Crafting Adversarial Input Sequences for Recurrent Neural Networks
Nicolas Papernot, Patrick McDaniel, Ananthram Swami, Richard Harang
TL;DR
The paper addresses the vulnerability of recurrent neural networks to adversarial input sequences by extending adversarial-sample techniques from static inputs to sequential data. It introduces adaptations of the fast gradient sign method and the forward-derivative (Jacobian) approach, using computational graph unfolding to compute sensitivities in cyclical RNNs. Through experiments on an LSTM-based sentiment classifier and a synthetic sequence-to-sequence model, it demonstrates that carefully crafted perturbations—averaging around 9 word changes in long reviews—can force incorrect categorical and sequential outputs at test time without retraining.
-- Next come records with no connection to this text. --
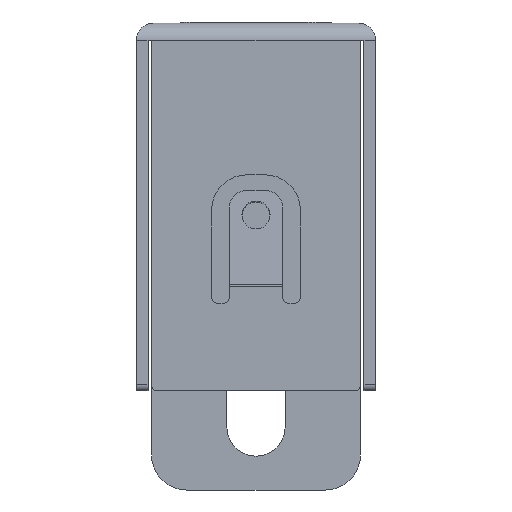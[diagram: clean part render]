
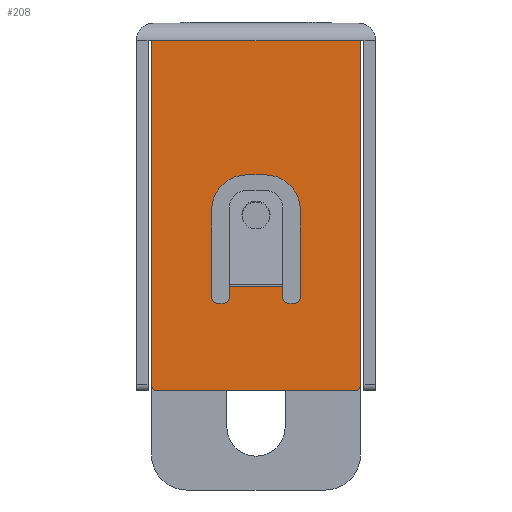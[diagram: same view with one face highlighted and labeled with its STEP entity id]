
A CAD part, front view. The second image highlights one B-rep face of the part: STEP entity #208.
In plain terms, the highlighted planar face has unit normal (0, -1, 0).
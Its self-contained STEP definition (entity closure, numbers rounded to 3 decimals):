
#208 = ADVANCED_FACE( '', ( #495, #496 ), #497, .F. );
#495 = FACE_BOUND( '', #796, .T. );
#496 = FACE_OUTER_BOUND( '', #797, .T. );
#497 = PLANE( '', #798 );
#796 = EDGE_LOOP( '', ( #1935, #1936, #1937, #1938, #1939, #1940, #1941, #1942, #1943, #1944, #1945, #1946, #1947, #1948 ) );
#797 = EDGE_LOOP( '', ( #1949, #1950, #1951, #1952, #1953, #1954 ) );
#798 = AXIS2_PLACEMENT_3D( '', #1955, #1956, #1957 );
#1935 = ORIENTED_EDGE( '', *, *, #2446, .T. );
#1936 = ORIENTED_EDGE( '', *, *, #2412, .T. );
#1937 = ORIENTED_EDGE( '', *, *, #2415, .T. );
#1938 = ORIENTED_EDGE( '', *, *, #2417, .T. );
#1939 = ORIENTED_EDGE( '', *, *, #2419, .T. );
#1940 = ORIENTED_EDGE( '', *, *, #2421, .T. );
#1941 = ORIENTED_EDGE( '', *, *, #2423, .T. );
#1942 = ORIENTED_EDGE( '', *, *, #2425, .T. );
#1943 = ORIENTED_EDGE( '', *, *, #2427, .T. );
#1944 = ORIENTED_EDGE( '', *, *, #2431, .T. );
#1945 = ORIENTED_EDGE( '', *, *, #2447, .T. );
#1946 = ORIENTED_EDGE( '', *, *, #2441, .T. );
#1947 = ORIENTED_EDGE( '', *, *, #2442, .T. );
#1948 = ORIENTED_EDGE( '', *, *, #2444, .T. );
#1949 = ORIENTED_EDGE( '', *, *, #2403, .F. );
#1950 = ORIENTED_EDGE( '', *, *, #2411, .F. );
#1951 = ORIENTED_EDGE( '', *, *, #2409, .F. );
#1952 = ORIENTED_EDGE( '', *, *, #2407, .F. );
#1953 = ORIENTED_EDGE( '', *, *, #2205, .F. );
#1954 = ORIENTED_EDGE( '', *, *, #2406, .F. );
#1955 = CARTESIAN_POINT( '', ( -8.45, 0., -31. ) );
#1956 = DIRECTION( '', ( 0., 1., 0. ) );
#1957 = DIRECTION( '', ( 0., 0., 1. ) );
#2205 = EDGE_CURVE( '', #2508, #2498, #2722, .T. );
#2403 = EDGE_CURVE( '', #3042, #3043, #3044, .T. );
#2406 = EDGE_CURVE( '', #3043, #2508, #3047, .T. );
#2407 = EDGE_CURVE( '', #2498, #3048, #3049, .T. );
#2409 = EDGE_CURVE( '', #3048, #3051, #3052, .T. );
#2411 = EDGE_CURVE( '', #3051, #3042, #3054, .T. );
#2412 = EDGE_CURVE( '', #3055, #3056, #3057, .T. );
#2415 = EDGE_CURVE( '', #3056, #3060, #3061, .T. );
#2417 = EDGE_CURVE( '', #3060, #3063, #3064, .T. );
#2419 = EDGE_CURVE( '', #3063, #3066, #3067, .T. );
#2421 = EDGE_CURVE( '', #3066, #3069, #3070, .T. );
#2423 = EDGE_CURVE( '', #3069, #3072, #3073, .T. );
#2425 = EDGE_CURVE( '', #3072, #3075, #3076, .T. );
#2427 = EDGE_CURVE( '', #3075, #3078, #3079, .T. );
#2431 = EDGE_CURVE( '', #3078, #3084, #3086, .T. );
#2441 = EDGE_CURVE( '', #3093, #3102, #3104, .T. );
#2442 = EDGE_CURVE( '', #3102, #3105, #3106, .T. );
#2444 = EDGE_CURVE( '', #3105, #3108, #3109, .T. );
#2446 = EDGE_CURVE( '', #3108, #3055, #3111, .T. );
#2447 = EDGE_CURVE( '', #3084, #3093, #3112, .T. );
#2498 = VERTEX_POINT( '', #3182 );
#2508 = VERTEX_POINT( '', #3197 );
#2722 = LINE( '', #3495, #3496 );
#3042 = VERTEX_POINT( '', #3962 );
#3043 = VERTEX_POINT( '', #3963 );
#3044 = CIRCLE( '', #3964, 0.5 );
#3047 = LINE( '', #3969, #3970 );
#3048 = VERTEX_POINT( '', #3971 );
#3049 = LINE( '', #3972, #3973 );
#3051 = VERTEX_POINT( '', #3976 );
#3052 = CIRCLE( '', #3977, 0.5 );
#3054 = LINE( '', #3980, #3981 );
#3055 = VERTEX_POINT( '', #3982 );
#3056 = VERTEX_POINT( '', #3983 );
#3057 = LINE( '', #3984, #3985 );
#3060 = VERTEX_POINT( '', #3990 );
#3061 = CIRCLE( '', #3991, 3. );
#3063 = VERTEX_POINT( '', #3994 );
#3064 = LINE( '', #3995, #3996 );
#3066 = VERTEX_POINT( '', #3999 );
#3067 = CIRCLE( '', #4000, 3. );
#3069 = VERTEX_POINT( '', #4003 );
#3070 = LINE( '', #4004, #4005 );
#3072 = VERTEX_POINT( '', #4008 );
#3073 = CIRCLE( '', #4009, 0.5 );
#3075 = VERTEX_POINT( '', #4012 );
#3076 = LINE( '', #4013, #4014 );
#3078 = VERTEX_POINT( '', #4017 );
#3079 = CIRCLE( '', #4018, 0.5 );
#3084 = VERTEX_POINT( '', #4025 );
#3086 = LINE( '', #4027, #4028 );
#3093 = VERTEX_POINT( '', #4037 );
#3102 = VERTEX_POINT( '', #4049 );
#3104 = LINE( '', #4052, #4053 );
#3105 = VERTEX_POINT( '', #4054 );
#3106 = CIRCLE( '', #4055, 0.5 );
#3108 = VERTEX_POINT( '', #4058 );
#3109 = LINE( '', #4059, #4060 );
#3111 = CIRCLE( '', #4063, 0.5 );
#3112 = LINE( '', #4064, #4065 );
#3182 = CARTESIAN_POINT( '', ( 8.95, 0., -1.5 ) );
#3197 = CARTESIAN_POINT( '', ( -8.95, 0., -1.5 ) );
#3495 = CARTESIAN_POINT( '', ( -8.95, 0., -1.5 ) );
#3496 = VECTOR( '', #4315, 1000. );
#3962 = CARTESIAN_POINT( '', ( -8.45, 0., -31.5 ) );
#3963 = CARTESIAN_POINT( '', ( -8.95, 0., -31. ) );
#3964 = AXIS2_PLACEMENT_3D( '', #4615, #4616, #4617 );
#3969 = CARTESIAN_POINT( '', ( -8.95, 0., -31. ) );
#3970 = VECTOR( '', #4620, 1000. );
#3971 = CARTESIAN_POINT( '', ( 8.95, 0., -31. ) );
#3972 = CARTESIAN_POINT( '', ( 8.95, 0., -1.5 ) );
#3973 = VECTOR( '', #4621, 1000. );
#3976 = CARTESIAN_POINT( '', ( 8.45, 0., -31.5 ) );
#3977 = AXIS2_PLACEMENT_3D( '', #4623, #4624, #4625 );
#3980 = CARTESIAN_POINT( '', ( 8.45, 0., -31.5 ) );
#3981 = VECTOR( '', #4627, 1000. );
#3982 = CARTESIAN_POINT( '', ( -3.8, 0., -23.5 ) );
#3983 = CARTESIAN_POINT( '', ( -3.8, 0., -16. ) );
#3984 = CARTESIAN_POINT( '', ( -3.8, 0., -23.5 ) );
#3985 = VECTOR( '', #4628, 1000. );
#3990 = CARTESIAN_POINT( '', ( -0.8, 0., -13. ) );
#3991 = AXIS2_PLACEMENT_3D( '', #4631, #4632, #4633 );
#3994 = CARTESIAN_POINT( '', ( 0.8, 0., -13. ) );
#3995 = CARTESIAN_POINT( '', ( -0.8, 0., -13. ) );
#3996 = VECTOR( '', #4635, 1000. );
#3999 = CARTESIAN_POINT( '', ( 3.8, 0., -16. ) );
#4000 = AXIS2_PLACEMENT_3D( '', #4637, #4638, #4639 );
#4003 = CARTESIAN_POINT( '', ( 3.8, 0., -23.5 ) );
#4004 = CARTESIAN_POINT( '', ( 3.8, 0., -16. ) );
#4005 = VECTOR( '', #4641, 1000. );
#4008 = CARTESIAN_POINT( '', ( 3.3, 0., -24. ) );
#4009 = AXIS2_PLACEMENT_3D( '', #4643, #4644, #4645 );
#4012 = CARTESIAN_POINT( '', ( 2.8, 0., -24. ) );
#4013 = CARTESIAN_POINT( '', ( 3.3, 0., -24. ) );
#4014 = VECTOR( '', #4647, 1000. );
#4017 = CARTESIAN_POINT( '', ( 2.3, 0., -23.5 ) );
#4018 = AXIS2_PLACEMENT_3D( '', #4649, #4650, #4651 );
#4025 = CARTESIAN_POINT( '', ( 2.3, 0., -22.544 ) );
#4027 = CARTESIAN_POINT( '', ( 2.3, 0., -23.5 ) );
#4028 = VECTOR( '', #4657, 1000. );
#4037 = CARTESIAN_POINT( '', ( -2.3, 0., -22.544 ) );
#4049 = CARTESIAN_POINT( '', ( -2.3, 0., -23.5 ) );
#4052 = CARTESIAN_POINT( '', ( -2.3, 0., -22.544 ) );
#4053 = VECTOR( '', #4673, 1000. );
#4054 = CARTESIAN_POINT( '', ( -2.8, 0., -24. ) );
#4055 = AXIS2_PLACEMENT_3D( '', #4674, #4675, #4676 );
#4058 = CARTESIAN_POINT( '', ( -3.3, 0., -24. ) );
#4059 = CARTESIAN_POINT( '', ( -2.8, 0., -24. ) );
#4060 = VECTOR( '', #4678, 1000. );
#4063 = AXIS2_PLACEMENT_3D( '', #4680, #4681, #4682 );
#4064 = CARTESIAN_POINT( '', ( 2.3, 0., -22.544 ) );
#4065 = VECTOR( '', #4683, 1000. );
#4315 = DIRECTION( '', ( 1., 0., 0. ) );
#4615 = CARTESIAN_POINT( '', ( -8.45, 0., -31. ) );
#4616 = DIRECTION( '', ( 0., 1., 0. ) );
#4617 = DIRECTION( '', ( 1., 0., 0. ) );
#4620 = DIRECTION( '', ( 0., 0., 1. ) );
#4621 = DIRECTION( '', ( 0., 0., -1. ) );
#4623 = CARTESIAN_POINT( '', ( 8.45, 0., -31. ) );
#4624 = DIRECTION( '', ( 0., 1., 0. ) );
#4625 = DIRECTION( '', ( 1., 0., 0. ) );
#4627 = DIRECTION( '', ( -1., 0., 0. ) );
#4628 = DIRECTION( '', ( 0., 0., 1. ) );
#4631 = CARTESIAN_POINT( '', ( -0.8, 0., -16. ) );
#4632 = DIRECTION( '', ( 0., 1., 0. ) );
#4633 = DIRECTION( '', ( 1., 0., 0. ) );
#4635 = DIRECTION( '', ( 1., 0., 0. ) );
#4637 = CARTESIAN_POINT( '', ( 0.8, 0., -16. ) );
#4638 = DIRECTION( '', ( 0., 1., 0. ) );
#4639 = DIRECTION( '', ( 1., 0., 0. ) );
#4641 = DIRECTION( '', ( 0., 0., -1. ) );
#4643 = CARTESIAN_POINT( '', ( 3.3, 0., -23.5 ) );
#4644 = DIRECTION( '', ( 0., 1., 0. ) );
#4645 = DIRECTION( '', ( 1., 0., 0. ) );
#4647 = DIRECTION( '', ( -1., 0., 0. ) );
#4649 = CARTESIAN_POINT( '', ( 2.8, 0., -23.5 ) );
#4650 = DIRECTION( '', ( 0., 1., 0. ) );
#4651 = DIRECTION( '', ( 1., 0., 0. ) );
#4657 = DIRECTION( '', ( 0., 0., 1. ) );
#4673 = DIRECTION( '', ( 0., 0., -1. ) );
#4674 = CARTESIAN_POINT( '', ( -2.8, 0., -23.5 ) );
#4675 = DIRECTION( '', ( 0., 1., 0. ) );
#4676 = DIRECTION( '', ( 1., 0., 0. ) );
#4678 = DIRECTION( '', ( -1., 0., 0. ) );
#4680 = CARTESIAN_POINT( '', ( -3.3, 0., -23.5 ) );
#4681 = DIRECTION( '', ( 0., 1., 0. ) );
#4682 = DIRECTION( '', ( 1., 0., 0. ) );
#4683 = DIRECTION( '', ( -1., 0., 0. ) );

The work highlights practical security implications for RNN deployments and outlines avenues for broader data types, black-box settings, and defenses.
Abstract
Machine learning models are frequently used to solve complex security problems, as well as to make decisions in sensitive situations like guiding autonomous vehicles or predicting financial market behaviors. Previous efforts have shown that numerous machine learning models were vulnerable to adversarial manipulations of their inputs taking the form of adversarial samples. Such inputs are crafted by adding carefully selected perturbations to legitimate inputs so as to force the machine learning model to misbehave, for instance by outputting a wrong class if the machine learning task of interest is classification. In fact, to the best of our knowledge, all previous work on adversarial samples crafting for neural network considered models used to solve classification tasks, most frequently in computer vision applications. In this paper, we contribute to the field of adversarial machine learning by investigating adversarial input sequences for recurrent neural networks processing sequential data. We show that the classes of algorithms introduced previously to craft adversarial samples misclassified by feed-forward neural networks can be adapted to recurrent neural networks. In a experiment, we show that adversaries can craft adversarial sequences misleading both categorical and sequential recurrent neural networks.